18 December 2009

"Edwards Deming meets No Child Left Behind"

The Reality-Based Community | Mark Kleiman | Edwards Deming meets No Child Left Behind:

One of the striking features about NCLB is the primitive evaluation mechanism it employs. It’s pure defect-finding: measuring the percentages of kids of different types who fail to achieve some standard, as measured by standardized tests. Henry Ford would recognize it. W. Edwards Deming would be appalled by it. [...]

One of the reason Honda and Toyota ate General Motors’s lunch is that the Japanese car companies adopted statistical quality assurance while Detroit was still inspecting every part coming off the assembly line to see whether it was within tolerance. Why are we using those same outdated principles to manage the much more complicated problem of teaching children to read, write, and reckon?

Applying statistical QA to education would involve:
  • Selecting a sample of students for high-quality, expensive testing rather than settling for the level of observation we can afford to do on every student.
  • Using information about the whole range of performance rather than fixating on an arbitrary cutoff.
  • Taking measurements all through the school year, not just at the end, and getting the results back to the teachers promptly.
I think this is too clever by half.

The kind of statistical methods used in manufacturing rely assumptions you just can't make about students. You put n widgets through a mechanical process and it's safe to assume they're all going in more or less the same, they're all coming out more or less the same, deviations will be according to a known probability distribution (typically Gaussian), and you can measure that distribution accurately with sample much smaller than n. Widgets don't have any say in the outcome of the process they're being subjected to: they don't refuse to do their homework, or cut class, or get mono. Students don't go into the school year roughly interchangeable, and since students themselves and their families are such an important part of education, they're not all undergoing the same process. Most importantly, the goal of statistical QA is to turn out lots of items that are all the same. The goal of education is not uniformity, the goal is improvement. Or it had damn well better be.

Schools already try hard enough to juke the stats when every kid has to get tested. I'm loathe to give them the opportunity to fiddle with a sampling process too.

Yeah, the testing regime used for NCLB is bullshit. Wait, check that. The testing regimes I suffered through in school predate NCLB and they were still bullshit. We especially need to focus on the entire range of student aptitude, and not just meeting minimum standards. But I don't see how this sampling program is the answer. Especially this matter of testing continuously through the year. For one thing, we already use way too many school hours giving tests (both system-wide tests and the old-fashioned ones for class). Secondly, it sounds great to have rapid, standardized feedback for teachers, but shouldn't they be the one group of people who already have their fingers on the pulse of their classes?

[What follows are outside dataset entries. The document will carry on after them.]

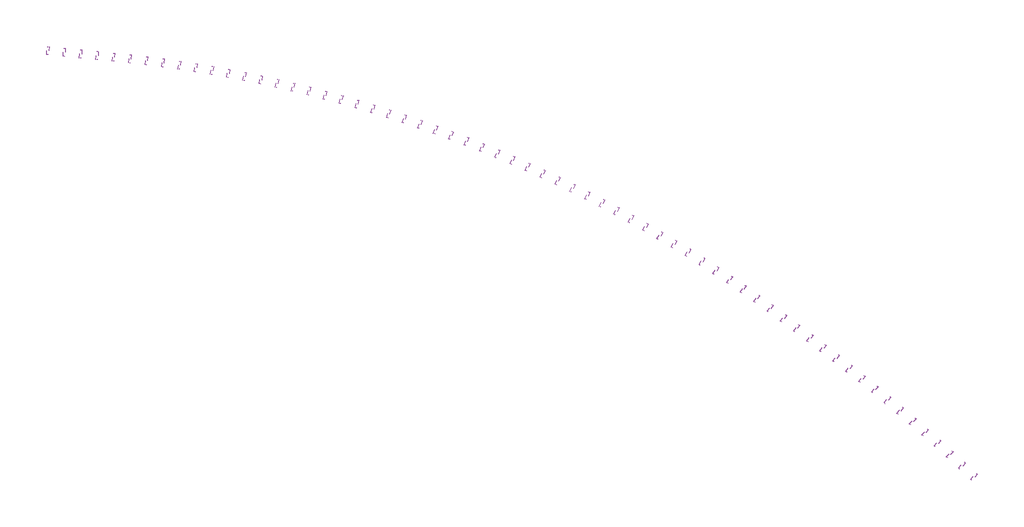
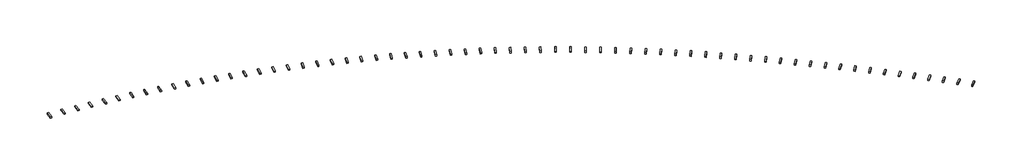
# One storey: 64 proxies.
"""IFC4 building model written with IfcOpenShell, lengths in millimetres."""

from ifc_helpers import new_model, si_unit, origin, place, context, project, spatial, transform, mapped, element, save
from components import generic_models_9758f732

model = new_model("IFC4")

# Units and contexts
model_context = context("Model", 3, world=origin())
ifc_project = project(units=[si_unit("LENGTHUNIT", "METRE", prefix="MILLI")], contexts=[model_context])

# Site, building, storey
site = spatial("IfcSite", under=ifc_project)
building = spatial("IfcBuilding", under=site)
storey = spatial("IfcBuildingStorey", under=building, Name="标高 2", Elevation=4000.0)

# Proxies
placement = place(None, origin())
generic_models_shape = generic_models_9758f732(model_context)
element("IfcBuildingElementProxy", 1, Name="Dynamo自动放置和旋转构件 : Dynamo自动放置和旋转构件", ObjectType="Dynamo自动放置和旋转构件 : Dynamo自动放置和旋转构件", at=placement, inside=storey, context=model_context, shape_type="MappedRepresentation", body=[
    mapped(generic_models_shape, transform((-282406.83332, 131306.0226466, 59323.0), x_axis=(0.9952009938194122, -0.09785183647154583, 0.0), y_axis=(0.09785183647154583, 0.9952009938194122, 0.0), z_axis=(0.0, 0.0, 1.0))),
])
element("IfcBuildingElementProxy", 2, Name="Dynamo自动放置和旋转构件 : Dynamo自动放置和旋转构件", ObjectType="Dynamo自动放置和旋转构件 : Dynamo自动放置和旋转构件", at=placement, inside=storey, context=model_context, shape_type="MappedRepresentation", body=[
    mapped(generic_models_shape, transform((-272454.8233807, 130327.504293, 59425.4497045), x_axis=(0.9952009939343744, -0.09785183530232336, 0.0), y_axis=(0.09785183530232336, 0.9952009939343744, 0.0), z_axis=(0.0, 0.0, 1.0))),
])
element("IfcBuildingElementProxy", 3, Name="Dynamo自动放置和旋转构件 : Dynamo自动放置和旋转构件", ObjectType="Dynamo自动放置和旋转构件 : Dynamo自动放置和旋转构件", at=placement, inside=storey, context=model_context, shape_type="MappedRepresentation", body=[
    mapped(generic_models_shape, transform((-262502.8134413, 129348.9859405, 59430.8094786), x_axis=(0.9952009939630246, -0.09785183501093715, 0.0), y_axis=(0.09785183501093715, 0.9952009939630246, 0.0), z_axis=(0.0, 0.0, 1.0))),
])
element("IfcBuildingElementProxy", 4, Name="Dynamo自动放置和旋转构件 : Dynamo自动放置和旋转构件", ObjectType="Dynamo自动放置和旋转构件 : Dynamo自动放置和旋转构件", at=placement, inside=storey, context=model_context, shape_type="MappedRepresentation", body=[
    mapped(generic_models_shape, transform((-252550.8034995, 128370.4675867, 59339.0774996), x_axis=(0.9952009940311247, -0.09785183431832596, 0.0), y_axis=(0.09785183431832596, 0.9952009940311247, 0.0), z_axis=(0.0, 0.0, 1.0))),
])
element("IfcBuildingElementProxy", 5, Name="Dynamo自动放置和旋转构件 : Dynamo自动放置和旋转构件", ObjectType="Dynamo自动放置和旋转构件 : Dynamo自动放置和旋转构件", at=placement, inside=storey, context=model_context, shape_type="MappedRepresentation", body=[
    mapped(generic_models_shape, transform((-242598.7928168, 127391.9568191, 59150.2215658), x_axis=(0.9952079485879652, -0.09778107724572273, 0.0), y_axis=(0.09778107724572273, 0.9952079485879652, 0.0), z_axis=(0.0, 0.0, 1.0))),
])
element("IfcBuildingElementProxy", 6, Name="Dynamo自动放置和旋转构件 : Dynamo自动放置和旋转构件", ObjectType="Dynamo自动放置和旋转构件 : Dynamo自动放置和旋转构件", at=placement, inside=storey, context=model_context, shape_type="MappedRepresentation", body=[
    mapped(generic_models_shape, transform((-232652.1536319, 126360.8787995, 58905.5920636), x_axis=(0.9940115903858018, -0.1092746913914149, 0.0), y_axis=(0.1092746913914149, 0.9940115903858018, 0.0), z_axis=(0.0, 0.0, 1.0))),
])
element("IfcBuildingElementProxy", 7, Name="Dynamo自动放置和旋转构件 : Dynamo自动放置和旋转构件", ObjectType="Dynamo自动放置和旋转构件 : Dynamo自动放置和旋转构件", at=placement, inside=storey, context=model_context, shape_type="MappedRepresentation", body=[
    mapped(generic_models_shape, transform((-222719.1261665, 125206.0360671, 58660.6113442), x_axis=(0.992568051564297, -0.12169085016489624, 0.0), y_axis=(0.12169085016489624, 0.992568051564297, 0.0), z_axis=(0.0, 0.0, 1.0))),
])
element("IfcBuildingElementProxy", 8, Name="Dynamo自动放置和旋转构件 : Dynamo自动放置和旋转构件", ObjectType="Dynamo自动放置和旋转构件 : Dynamo自动放置和旋转构件", at=placement, inside=storey, context=model_context, shape_type="MappedRepresentation", body=[
    mapped(generic_models_shape, transform((-212801.3096286, 123927.1251748, 58415.6306189), x_axis=(0.9909694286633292, -0.13408799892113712, 0.0), y_axis=(0.13408799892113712, 0.9909694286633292, 0.0), z_axis=(0.0, 0.0, 1.0))),
])
element("IfcBuildingElementProxy", 9, Name="Dynamo自动放置和旋转构件 : Dynamo自动放置和旋转构件", ObjectType="Dynamo自动放置和旋转构件 : Dynamo自动放置和旋转构件", at=placement, inside=storey, context=model_context, shape_type="MappedRepresentation", body=[
    mapped(generic_models_shape, transform((-202900.2537048, 122524.3459535, 58170.6498901), x_axis=(0.9892159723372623, -0.14646419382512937, 0.0), y_axis=(0.14646419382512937, 0.9892159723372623, 0.0), z_axis=(0.0, 0.0, 1.0))),
])
element("IfcBuildingElementProxy", 10, Name="Dynamo自动放置和旋转构件 : Dynamo自动放置和旋转构件", ObjectType="Dynamo自动放置和旋转构件 : Dynamo自动放置和旋转构件", at=placement, inside=storey, context=model_context, shape_type="MappedRepresentation", body=[
    mapped(generic_models_shape, transform((-193017.5053845, 120997.917578, 57925.6691582), x_axis=(0.9873079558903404, -0.15881750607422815, 0.0), y_axis=(0.15881750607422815, 0.9873079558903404, 0.0), z_axis=(0.0, 0.0, 1.0))),
])
element("IfcBuildingElementProxy", 11, Name="Dynamo自动放置和旋转构件 : Dynamo自动放置和旋转构件", ObjectType="Dynamo自动放置和旋转构件 : Dynamo自动放置和旋转构件", at=placement, inside=storey, context=model_context, shape_type="MappedRepresentation", body=[
    mapped(generic_models_shape, transform((-183154.6087964, 119348.0785425, 57680.6884235), x_axis=(0.9852456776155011, -0.1711460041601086, 0.0), y_axis=(0.1711460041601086, 0.9852456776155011, 0.0), z_axis=(0.0, 0.0, 1.0))),
])
element("IfcBuildingElementProxy", 12, Name="Dynamo自动放置和旋转构件 : Dynamo自动放置和旋转构件", ObjectType="Dynamo自动放置和旋转构件 : Dynamo自动放置和旋转构件", at=placement, inside=storey, context=model_context, shape_type="MappedRepresentation", body=[
    mapped(generic_models_shape, transform((-173313.1049675, 117575.0866267, 57435.7076865), x_axis=(0.9830294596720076, -0.18344776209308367, 0.0), y_axis=(0.18344776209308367, 0.9830294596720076, 0.0), z_axis=(0.0, 0.0, 1.0))),
])
element("IfcBuildingElementProxy", 13, Name="Dynamo自动放置和旋转构件 : Dynamo自动放置和旋转构件", ObjectType="Dynamo自动放置和旋转构件 : Dynamo自动放置和旋转构件", at=placement, inside=storey, context=model_context, shape_type="MappedRepresentation", body=[
    mapped(generic_models_shape, transform((-163494.5315824, 115679.2188485, 57190.7269476), x_axis=(0.9806596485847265, -0.19572085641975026, 0.0), y_axis=(0.19572085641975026, 0.9806596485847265, 0.0), z_axis=(0.0, 0.0, 1.0))),
])
element("IfcBuildingElementProxy", 14, Name="Dynamo自动放置和旋转构件 : Dynamo自动放置和旋转构件", ObjectType="Dynamo自动放置和旋转构件 : Dynamo自动放置和旋转构件", at=placement, inside=storey, context=model_context, shape_type="MappedRepresentation", body=[
    mapped(generic_models_shape, transform((-153700.4227431, 113660.7714272, 56945.7462071), x_axis=(0.9781366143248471, -0.20796337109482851, 0.0), y_axis=(0.20796337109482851, 0.9781366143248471, 0.0), z_axis=(0.0, 0.0, 1.0))),
])
element("IfcBuildingElementProxy", 15, Name="Dynamo自动放置和旋转构件 : Dynamo自动放置和旋转构件", ObjectType="Dynamo自动放置和旋转构件 : Dynamo自动放置和旋转构件", at=placement, inside=storey, context=model_context, shape_type="MappedRepresentation", body=[
    mapped(generic_models_shape, transform((-143932.3087286, 111520.0597349, 56700.7654654), x_axis=(0.9754607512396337, -0.22017339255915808, 0.0), y_axis=(0.22017339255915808, 0.9754607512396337, 0.0), z_axis=(0.0, 0.0, 1.0))),
])
element("IfcBuildingElementProxy", 16, Name="Dynamo自动放置和旋转构件 : Dynamo自动放置和旋转构件", ObjectType="Dynamo自动放置和旋转构件 : Dynamo自动放置和旋转构件", at=placement, inside=storey, context=model_context, shape_type="MappedRepresentation", body=[
    mapped(generic_models_shape, transform((-134191.715757, 109257.4182454, 56455.7847229), x_axis=(0.9726324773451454, -0.23234901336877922, 0.0), y_axis=(0.23234901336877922, 0.9726324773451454, 0.0), z_axis=(0.0, 0.0, 1.0))),
])
element("IfcBuildingElementProxy", 17, Name="Dynamo自动放置和旋转构件 : Dynamo自动放置和旋转构件", ObjectType="Dynamo自动放置和旋转构件 : Dynamo自动放置和旋转构件", at=placement, inside=storey, context=model_context, shape_type="MappedRepresentation", body=[
    mapped(generic_models_shape, transform((-124480.1657459, 106873.2004845, 56210.80398), x_axis=(0.9696522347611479, -0.24448833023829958, 0.0), y_axis=(0.24448833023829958, 0.9696522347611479, 0.0), z_axis=(0.0, 0.0, 1.0))),
])
element("IfcBuildingElementProxy", 18, Name="Dynamo自动放置和旋转构件 : Dynamo自动放置和旋转构件", ObjectType="Dynamo自动放置和旋转构件 : Dynamo自动放置和旋转构件", at=placement, inside=storey, context=model_context, shape_type="MappedRepresentation", body=[
    mapped(generic_models_shape, transform((-114799.1760751, 104367.7789743, 55965.8232372), x_axis=(0.9665204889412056, -0.2565894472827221, 0.0), y_axis=(0.2565894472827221, 0.9665204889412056, 0.0), z_axis=(0.0, 0.0, 1.0))),
])
element("IfcBuildingElementProxy", 19, Name="Dynamo自动放置和旋转构件 : Dynamo自动放置和旋转构件", ObjectType="Dynamo自动放置和旋转构件 : Dynamo自动放置和旋转构件", at=placement, inside=storey, context=model_context, shape_type="MappedRepresentation", body=[
    mapped(generic_models_shape, transform((-105150.2593496, 101741.5451744, 55720.8424947), x_axis=(0.9632377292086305, -0.2686504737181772, 0.0), y_axis=(0.2686504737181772, 0.9632377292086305, 0.0), z_axis=(0.0, 0.0, 1.0))),
])
element("IfcBuildingElementProxy", 20, Name="Dynamo自动放置和旋转构件 : Dynamo自动放置和旋转构件", ObjectType="Dynamo自动放置和旋转构件 : Dynamo自动放置和旋转构件", at=placement, inside=storey, context=model_context, shape_type="MappedRepresentation", body=[
    mapped(generic_models_shape, transform((-95534.9231629, 98994.9094199, 55475.861753), x_axis=(0.9598044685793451, -0.28066952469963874, 0.0), y_axis=(0.28066952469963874, 0.9598044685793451, 0.0), z_axis=(0.0, 0.0, 1.0))),
])
element("IfcBuildingElementProxy", 21, Name="Dynamo自动放置和旋转构件 : Dynamo自动放置和旋转构件", ObjectType="Dynamo自动放置和旋转构件 : Dynamo自动放置和旋转构件", at=placement, inside=storey, context=model_context, shape_type="MappedRepresentation", body=[
    mapped(generic_models_shape, transform((-85954.6698619, 96128.3008597, 55230.8810124), x_axis=(0.9562212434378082, -0.2926447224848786, 0.0), y_axis=(0.2926447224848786, 0.9562212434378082, 0.0), z_axis=(0.0, 0.0, 1.0))),
])
element("IfcBuildingElementProxy", 22, Name="Dynamo自动放置和旋转构件 : Dynamo自动放置和旋转构件", ObjectType="Dynamo自动放置和旋转构件 : Dynamo自动放置和旋转构件", at=placement, inside=storey, context=model_context, shape_type="MappedRepresentation", body=[
    mapped(generic_models_shape, transform((-76410.9963119, 93142.1673865, 54985.9002734), x_axis=(0.9524886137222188, -0.30457419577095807, 0.0), y_axis=(0.30457419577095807, 0.9524886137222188, 0.0), z_axis=(0.0, 0.0, 1.0))),
])
element("IfcBuildingElementProxy", 23, Name="Dynamo自动放置和旋转构件 : Dynamo自动放置和旋转构件", ObjectType="Dynamo自动放置和旋转构件 : Dynamo自动放置和旋转构件", at=placement, inside=storey, context=model_context, shape_type="MappedRepresentation", body=[
    mapped(generic_models_shape, transform((-66905.3936621, 90036.9755705, 54740.9195364), x_axis=(0.9486071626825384, -0.31645608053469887, 0.0), y_axis=(0.31645608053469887, 0.9486071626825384, 0.0), z_axis=(0.0, 0.0, 1.0))),
])
element("IfcBuildingElementProxy", 24, Name="Dynamo自动放置和旋转构件 : Dynamo自动放置和旋转构件", ObjectType="Dynamo自动放置和旋转构件 : Dynamo自动放置和旋转构件", at=placement, inside=storey, context=model_context, shape_type="MappedRepresentation", body=[
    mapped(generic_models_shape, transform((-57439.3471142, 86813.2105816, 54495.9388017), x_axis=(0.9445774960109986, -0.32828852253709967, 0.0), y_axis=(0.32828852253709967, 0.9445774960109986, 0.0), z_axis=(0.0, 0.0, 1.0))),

Don't students' grades and class behavior give them continuous feedback as it is?

(Via Megan McArdle)


  1. The reason the tests are bullshit is that they reference students, not the instruction the students have received in the past or on instructional options in the future. Instruction remains a black box between "standards" and "standardized tests."

    There are some aspects of instruction in which there is no latitude--arithmetic is a function of the number system and reading and spelling are functions of the English Alphabetic Code. There may be a few alternative ways of going about teaching kids how to handle the complexities involved in each area of expertise, but there aren't "oodles" of ways.

    Students and teachers do get continuous feedback in terms of grades and behavior. What they don't get is any information pertaining to their status in terms of the instruction that has been delivered or that will be delivered to achieve any specified instructional accomplishment.

    Teachers and students drift from one assignment to another. Some students learn with little or no instruction and some learn despite shoddy instruction. The school takes credit for these accomplishments and attributes instructional failures to the student, parent, or "society."

    Constructing the analog to "Business Intelligence" to create Instructional Intelligence requires more effort than is required in the Corporate world to specify Key Performance Indicators. But the same logic is directly applicable, and it provides an alternative to the current "primitive evaluation mechanism" that you describe very well.

  2. The reason the tests are bullshit is that they reference students, not the instruction the students have received in the past or on instructional options in the future. Instruction remains a black box between "standards" and "standardized tests."

    A fair number of the standardized tests I took actually never referenced me. They were amalgamated into school-wide results for state and county evaluation purposes. This is still entirely disconnected from the individual teachers I had, and it introduces a whole other set of problems I don't want to discuss. I take your general point that instruction is a black box, but the problems with testing aren't that the results are tied only to students.

    Regarding your last paragraph, I'll refer you to the first bullet of another post I just made on this topic:
    I am very willing to embrace better statistical models than we currently use. I just don't think QA is the best paradigm with which to build those models.